All patients with a target INR > 3.0 and cerebral ischaemia should undergo anticoagulation therapy to prevent recurrences. All patients with thrombosis associated with aPLs should undergo long-term (life-long) warfarin therapy. Unfortunately, low-dose aspirin alone does not prevent recurrent thrombosis. Additionally, oral anticoagulation carries an increased risk of serious haemorrhage; however, this risk, if well controlled, might be lowered to acceptable levels. Steroids and immunosuppressive drugs in aPL-positive patients and thrombosis may be justified only in life-threatening situations when episodes of thrombosis occur despite adequate anticoagulation treatment. In aPL-positive patients without previous thrombosis, low-dose aspirin (75 mg/day) indefinitely as a thromboprophylactic measure is recommended. In neuropsychiatric appearances different from CVD (e.g., headache, seizures), anticoagulation therapy should be considered for patients with more severe disease and unsatisfactory responses to traditional treatments for headache or conventional anti-epileptic drugs.

The most important points of our study are:

Newly suggested improvements in the Sapporo criteria for APS (Hughes syndrome) should be widely adopted.

APS appears as a recurrent thrombosis, obstetric complications and elevated serum aPL levels:

The similar prevalence of arterial and venous thrombosis in APS is a unique pattern among thrombophilic disorders.

Pregnancy/fetal complications are hallmarks of APS.

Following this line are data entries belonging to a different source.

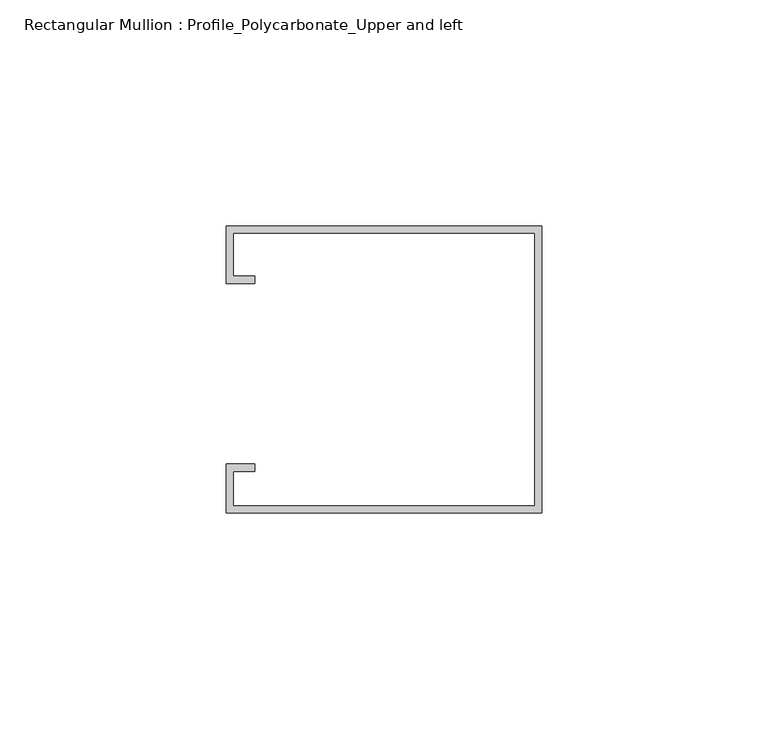
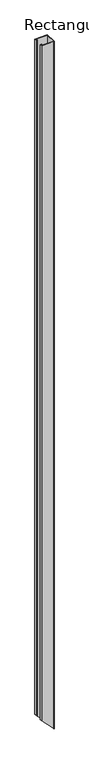
"""IFC4 building model written with IfcOpenShell, lengths in millimetres: member geometry, Rectangular Mullion : Profile_Polycarbonate_Upper and left."""

from ifc_helpers import new_model, si_unit, origin, place, context, project, spatial, faceted_brep, source, transform, mapped, element, save


def rectangular_mullion_profile_polycarbonate_upper_and_left_522ce224(model_context):
    return source(origin(), model_context, "Body", "Brep", [
        faceted_brep([(0.0, 32.7, 0.0), (-69.85, 32.7, 0.0), (-69.85, 20.0, 0.0), (-63.5, 20.0, 0.0), (-63.5, 21.5875, 0.0), (-68.2625, 21.5875, 0.0), (-68.2625, 31.1125, 0.0), (-1.5875, 31.1125, 0.0), (-1.5875, -29.2125, 0.0), (-68.2625, -29.2125, 0.0), (-68.2625, -21.5875, 0.0), (-63.5, -21.5875, 0.0), (-63.5, -20.0, 0.0), (-69.85, -20.0, 0.0), (-69.85, -30.8, 0.0), (0.0, -30.8, 0.0), (0.0, 32.7, -4041.1959545), (-69.85, 32.7, -3968.3749305), (-69.85, 20.0, -3968.3749305), (-63.5, 20.0, -3974.9950236), (-63.5, 21.5875, -3974.9950236), (-68.2625, 21.5875, -3970.0299537), (-68.2625, 31.1125, -3970.0299537), (-1.5875, 31.1125, -4039.5409312), (-1.5875, -29.2125, -4039.5409312), (-68.2625, -29.2125, -3970.0299537), (-68.2625, -21.5875, -3970.0299537), (-63.5, -21.5875, -3974.9950236), (-63.5, -20.0, -3974.9950236), (-69.85, -20.0, -3968.3749305), (-69.85, -30.8, -3968.3749305), (0.0, -30.8, -4041.1959545)], [[[0, 1, 2, 3, 4, 5, 6, 7, 8, 9, 10, 11, 12, 13, 14, 15]], [[1, 0, 16, 17]], [[2, 1, 17, 18]], [[3, 2, 18, 19]], [[4, 3, 19, 20]], [[5, 4, 20, 21]], [[6, 5, 21, 22]], [[7, 6, 22, 23]], [[8, 7, 23, 24]], [[9, 8, 24, 25]], [[10, 9, 25, 26]], [[11, 10, 26, 27]], [[12, 11, 27, 28]], [[13, 12, 28, 29]], [[14, 13, 29, 30]], [[15, 14, 30, 31]], [[0, 15, 31, 16]], [[16, 31, 30, 29, 28, 27, 26, 25, 24, 23, 22, 21, 20, 19, 18, 17]]]),
    ])


if __name__ == "__main__":
    model = new_model("IFC4")
    model_context = context("Model", 3, world=origin())
    ifc_project = project(units=[si_unit("LENGTHUNIT", "METRE", prefix="MILLI")], contexts=[model_context])
    site = spatial("IfcSite", under=ifc_project)
    building = spatial("IfcBuilding", under=site)
    placement = place(None, origin())
    rectangular_mullion_profile_polycarbonate_upper_and_left_shape = rectangular_mullion_profile_polycarbonate_upper_and_left_522ce224(model_context)
    element("IfcMember", 1, ObjectType="Rectangular Mullion : Profile_Polycarbonate_Upper and left", at=placement, inside=building, context=model_context, shape_type="MappedRepresentation", body=[
        mapped(rectangular_mullion_profile_polycarbonate_upper_and_left_shape, transform((0.0, 0.0, 0.0), x_axis=(1.0, 0.0, 0.0), y_axis=(0.0, 1.0, 0.0), z_axis=(0.0, 0.0, 1.0))),
    ])
    save(model, "model.ifc")

# Revit data of these elements
# Type "Rectangular Mullion : Profile_Polycarbonate_Upper and left"
#   built-in parameter 1007322 = 0.208333 (stored number, unit not read)
#   built-in parameter 1007321 = 0.00520833 (stored number, unit not read)
#   built-in parameter 1007320 = 0 (stored number, unit not read)
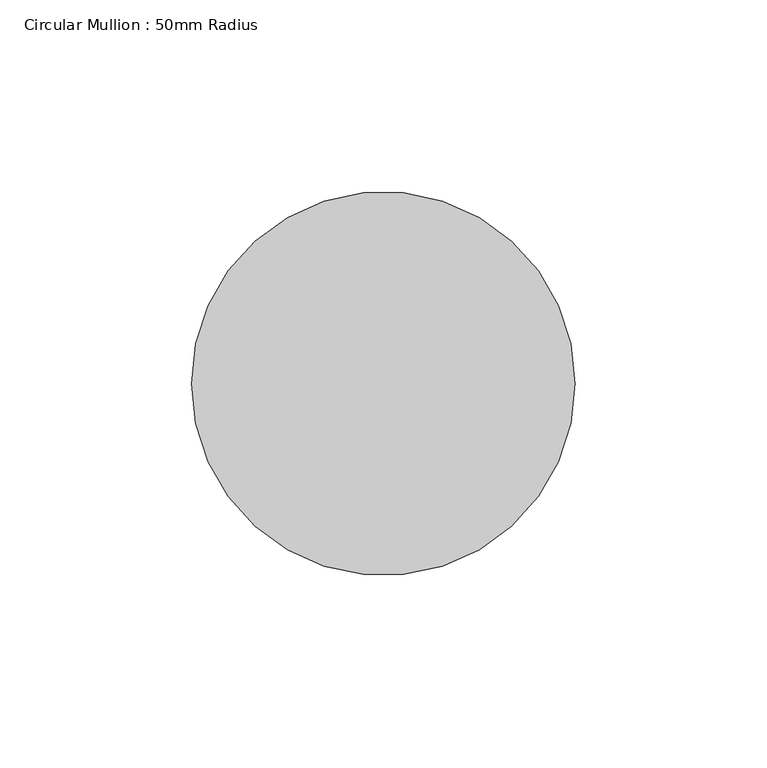
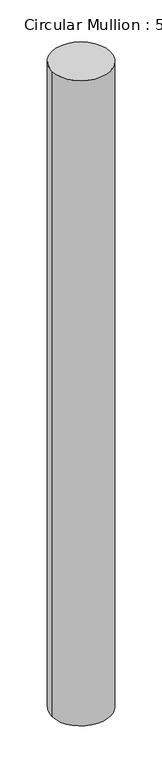
"""IFC4 building model written with IfcOpenShell, lengths in millimetres: member geometry, Circular Mullion : 50mm Radius."""

from ifc_helpers import new_model, si_unit, point, frame, origin, origin_2d, place, context, project, spatial, circle_curve, trimmed, segment, composite_curve, outline, extrude, source, transform, mapped, element, save


def circular_mullion_50mm_radius_3c5a0a30(model_context):
    return source(origin(), model_context, "Body", "SweptSolid", [
        extrude(outline(composite_curve([segment(trimmed(circle_curve(origin_2d(), 50.0), [point((50.0, 0.0))], [point((-50.0, 0.0))], False, "CARTESIAN"), True, "CONTINUOUS"), segment(trimmed(circle_curve(origin_2d(), 50.0), [point((-50.0, 0.0))], [point((50.0, 0.0))], False, "CARTESIAN"), True, "CONTINUOUS")], self_intersect=False)), frame((0.0, 0.0, -1167.7910831), z_axis=(0.0, 0.0, 1.0), x_axis=(1.0, 0.0, 0.0)), (0.0, 0.0, 1.0), 1167.7910831),
    ])


if __name__ == "__main__":
    model = new_model("IFC4")
    model_context = context("Model", 3, world=origin())
    ifc_project = project(units=[si_unit("LENGTHUNIT", "METRE", prefix="MILLI")], contexts=[model_context])
    site = spatial("IfcSite", under=ifc_project)
    building = spatial("IfcBuilding", under=site)
    placement = place(None, origin())
    circular_mullion_50mm_radius_shape = circular_mullion_50mm_radius_3c5a0a30(model_context)
    element("IfcMember", 1, ObjectType="Circular Mullion : 50mm Radius", at=placement, inside=building, context=model_context, shape_type="MappedRepresentation", body=[
        mapped(circular_mullion_50mm_radius_shape, transform((0.0, 0.0, 0.0), x_axis=(1.0, 0.0, 0.0), y_axis=(0.0, 1.0, 0.0), z_axis=(0.0, 0.0, 1.0))),
    ])
    save(model, "model.ifc")

# Revit data of these elements
# Type "Circular Mullion : 50mm Radius"
#   built-in parameter 1007350 = 0.164042 (stored number, unit not read)
# Element 1 (IfcMember, "Circular Mullion : 50mm Radius")
#   Materials on its faces: "Aluminium"
# Materials
#   "Aluminium": class "Metal", colour RGB 247 247 247, transparency 0, Description = "Aluminium 6061", Cost = 0

Neurological diseases (e.g., stroke, TIA), possibly due to vascular-ischemic (occlusive) disturbances, are the most life-threatening conditions, especially in CAPS and/or when recurrences appear. Other neuropsychiatric disorders (e.g., cognitive impairment, certain forms of migraine/headache, MS-like diseases) are also associated with APS.

Diagnosis and routine testing of APS should be done by β2GPI-dependent ELISA for aCL and LA.

Definite APS is diagnosed according to the persistency of aCL (high to medium concentrations) and/or LA.

The role of other antiphospholipid antibodies (e.g., phosphatidylserine, β2GPI, prothrombin, etc.) in APS, although not well defined, is likely to have a certain clinical significance;

Prolonged, even life-long oral anticoagulation at a target INR of 3.5 is the treatment of choice in thrombotic APS (e.g., warfarin);

Aspirin and heparin are recommended as treatments for pregnancy complications; corticosteroids, although considered life-saving in thrombocytopenia, hemolytic anemia and/or CAPS, do not have a decisive role in the treatment of other APS complications.

New approaches have been applied in APS such as fresh frozen plasma use during plasma exchange, rituximab therapy, anticytokine treatment, recombinant human-activated protein C, among others, but more first-level evidence is needed to make definitive recommendations.